I'm not sure what a Ready Bag might be, but my Dillon and Eagle bags are always ready for a range trip. :mrgreen:


----------



## Rustycompass (Jun 25, 2006)

*Maybe the wrong term ?*



Mike Barham said:


> I'm not sure what a Ready Bag might be. :mrgreen:


 ~ I thought it was a term that seems to be used frequently over on Lightfighter forum. From what I gather a "Ready Bag" is a sack that the Miltary / SWAT types keep all their nessary gear ... stocked with ammo, mags, vests and other assorted gear. For a quicker response time, just grab and go. Although, I would think that most SWAT members have their own agency issued vehicles with their gear in the trunk...
:smt017

Honestly, I just like the looks of that style of bag, they seem to have more pockets & such than your average range bag. I am not a SWAT guy nor will I need to be ready in a moments notice to defend my home against armys of flesh eating zombies.
I just like the heavy duty, small sized, multi~pocketed, duffle type bag, maybe I'm using the wrong term, wouldn't be the 1st time I got my wires crossed ... or the last.
:mrgreen:


----------



## Mike Barham (Mar 30, 2006)

Ah, I hear that called a "Go Bag." Sounds like the same thing. I don't hang out at Lightfighter, so I don't know the cool-guy terminology. ;-)

I have zero experience with Go Bags or Ready Bags, so I will defer to someone else. I know several guys here have extensive experience with manpurses. :mrgreen:


----------



## Rustycompass (Jun 25, 2006)

Mike Barham said:


> Ah, I hear that called a "Go Bag." Sounds like the same thing. I don't hang out at Lightfighter, so I don't know the cool-guy terminology. ;-)
> 
> I have zero experience with Go Bags or Ready Bags, so I will defer to someone else. I know several guys here have extensive experience with manpurses. :mrgreen:


~ in my humble opinion ... cool is relative. I just lurk over there on LF from time to time at the pic's of the gear & such, but I myself don't possess to level of coolness or para~military skills needed to join their ..... "Warriors Club"... :mrgreen:


----------



## tony pasley (May 6, 2006)

Try going to www.actiongear.com I think they will have what your looking for. also www.galls. com.


----------



## Rustycompass (Jun 25, 2006)

*Gettin' closer ...*

Thanks Tony, those are good sites for sure ... that 1st one has ALOT of gear & pretty good prices.
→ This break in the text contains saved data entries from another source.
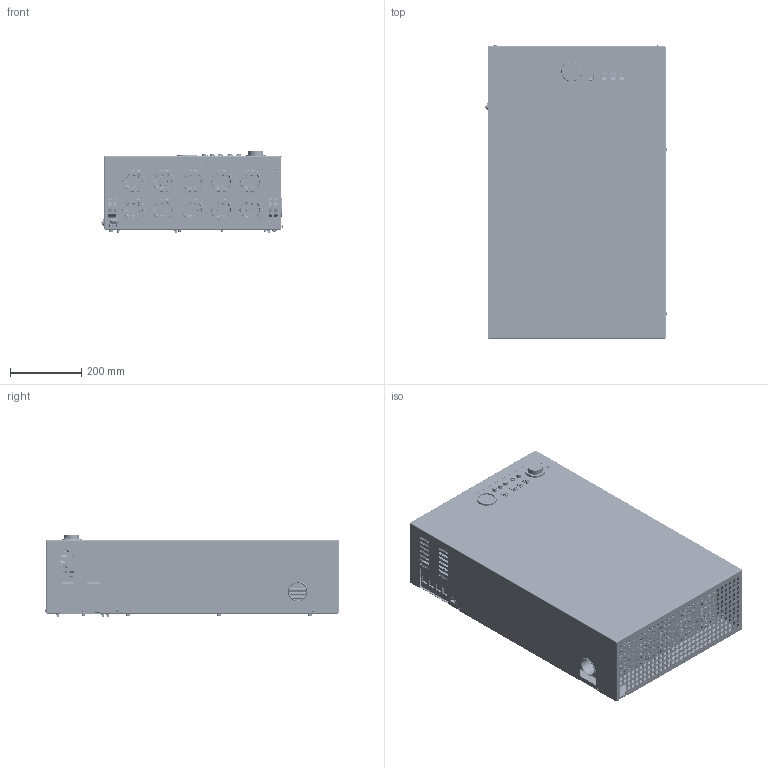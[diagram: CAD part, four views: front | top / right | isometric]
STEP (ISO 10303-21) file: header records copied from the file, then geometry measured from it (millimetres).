
FILE_DESCRIPTION(/* description */ (''),/* implementation_level */ '2;1');
FILE_NAME(/* name */ 'Y:\Конструкторский отдел\!Сборки\621179.013 КЭН-У10_Shrinkwrap_1.stp',/* time_stamp */ '2023-10-17T14:42:38+03:00',/* author */ ('nvsk-constr5'),/* organization */ (''),/* preprocessor_version */ 'ST-DEVELOPER v18.1',/* originating_system */ 'Autodesk Inventor 2021',/* authorisation */ '');
FILE_SCHEMA (('AUTOMOTIVE_DESIGN { 1 0 10303 214 3 1 1 }','TECHNICAL_DATA_PACKAGING','PROCESS_PLANNING_SCHEMA','AP242_MANAGED_MODEL_BASED_3D_ENGINEERING_MIM_LF { 1 0 10303 442 1 1 4 }'));
Products named in the file (1): 621179.013 КЭН-У10_Shrink
wrap_1
Bounding box: 509.62 x 823.12 x 231.9 mm (x, y, z)
Surface area: 4358234 mm2 (no closed solid volume)
Topology: 0 solids, 430 shells, 3390 faces, 14631 edges, 11538 vertices
Faces by surface type: plane 1729, cylinder 1231, cone 233, torus 88, bspline 79, sphere 30
Full cylindrical faces by diameter (mm): 0.8 x1, 3.242 x11, 3.5 x4, 3.65 x1, 4 x7, 4.317 x1, 4.4 x4, 4.5 x1, 4.8 x1, 4.9 x4, 5 x60, 5.459 x3, 5.9 x21, 6 x4, 6.5 x2, 6.6 x2, 7.834 x1, 8 x9, 8.7 x6, 8.9 x5, 9 x21, 10 x118, 10.5 x60, 11 x326, 11.4 x1, 11.433 x1, 11.5 x5, 12 x10, 13 x1, 14 x5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
Entity records: 163889 total; most frequent: CARTESIAN_POINT 38254, DIRECTION 24896, ORIENTED_EDGE 21397, EDGE_CURVE 14633, VERTEX_POINT 11545, LINE 9110, VECTOR 9110, AXIS2_PLACEMENT_3D 7893

I like this one from Maxipedition which is 13" L X 3" W X 19" H but it is on the pricey side of $ 129.00. I like it, but not a 129 bucks worth.


----------



## drummin man 627 (Dec 25, 2006)

I use an old, lockable briefcase. It doesn't yell "gun", and it has plenty of room for what I need it to carry. Dan Wesson snubbie, Taurus PT 92 in it's gun rug, eyes, ears, 2 boxes of ammo, magazines, mag. reloader, felt markers, paper for targets, pen, log book, Laserlyte, and the wrenches to re-zero the laser if need be.
Works for me.


----------



## Mike Barham (Mar 30, 2006)

Lowdrift said:


> ~ in my humble opinion ... cool is relative. I just lurk over there on LF from time to time at the pic's of the gear & such, but I myself don't possess to level of coolness or para~military skills needed to join their ..... "Warriors Club"... :mrgreen:


But if you _really_ want to be a true Warrior, there is only one forum for you: www.warriortalk.com! Good information to be found there occasionally, but you have to wade through discussions of assassination.


----------